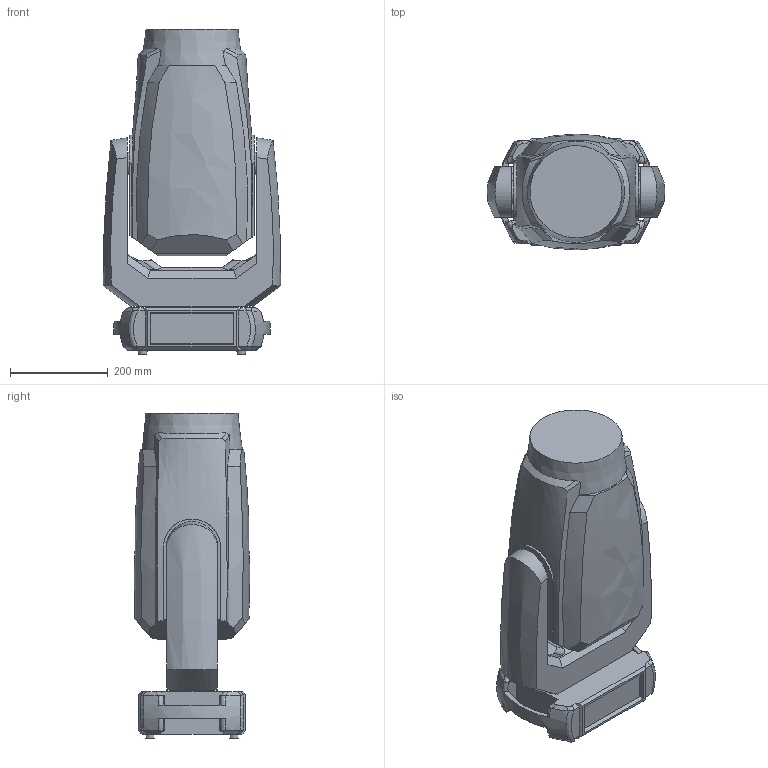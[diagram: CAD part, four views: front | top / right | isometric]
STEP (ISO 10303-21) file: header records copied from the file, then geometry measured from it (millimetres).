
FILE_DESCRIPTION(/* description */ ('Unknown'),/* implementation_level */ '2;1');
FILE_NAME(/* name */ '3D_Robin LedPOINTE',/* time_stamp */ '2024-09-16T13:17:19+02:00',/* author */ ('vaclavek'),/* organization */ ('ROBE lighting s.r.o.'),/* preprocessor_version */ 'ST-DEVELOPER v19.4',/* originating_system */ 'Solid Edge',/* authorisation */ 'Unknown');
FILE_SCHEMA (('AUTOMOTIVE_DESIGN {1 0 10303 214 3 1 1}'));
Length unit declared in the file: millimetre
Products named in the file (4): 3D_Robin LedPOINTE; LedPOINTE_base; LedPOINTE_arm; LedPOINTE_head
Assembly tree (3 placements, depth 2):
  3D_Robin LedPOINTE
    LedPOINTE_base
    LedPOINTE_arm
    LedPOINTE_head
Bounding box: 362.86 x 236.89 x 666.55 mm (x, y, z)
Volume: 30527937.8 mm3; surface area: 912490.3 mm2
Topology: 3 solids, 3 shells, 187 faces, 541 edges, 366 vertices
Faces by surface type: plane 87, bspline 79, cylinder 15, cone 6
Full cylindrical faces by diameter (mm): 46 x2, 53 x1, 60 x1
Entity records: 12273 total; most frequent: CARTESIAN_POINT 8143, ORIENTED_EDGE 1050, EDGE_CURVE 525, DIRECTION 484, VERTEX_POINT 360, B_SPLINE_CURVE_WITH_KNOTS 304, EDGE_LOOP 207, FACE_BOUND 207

-*-*-

### [Exercise directions]
Using the listing above, show each line with the word "records" in it.

### [Solution for this exercise]
STEP (ISO 10303-21) file: header records copied from the file, then geometry measured from it (millimetres).
Entity records: 12273 total; most frequent: CARTESIAN_POINT 8143, ORIENTED_EDGE 1050, EDGE_CURVE 525, DIRECTION 484, VERTEX_POINT 360, B_SPLINE_CURVE_WITH_KNOTS 304, EDGE_LOOP 207, FACE_BOUND 207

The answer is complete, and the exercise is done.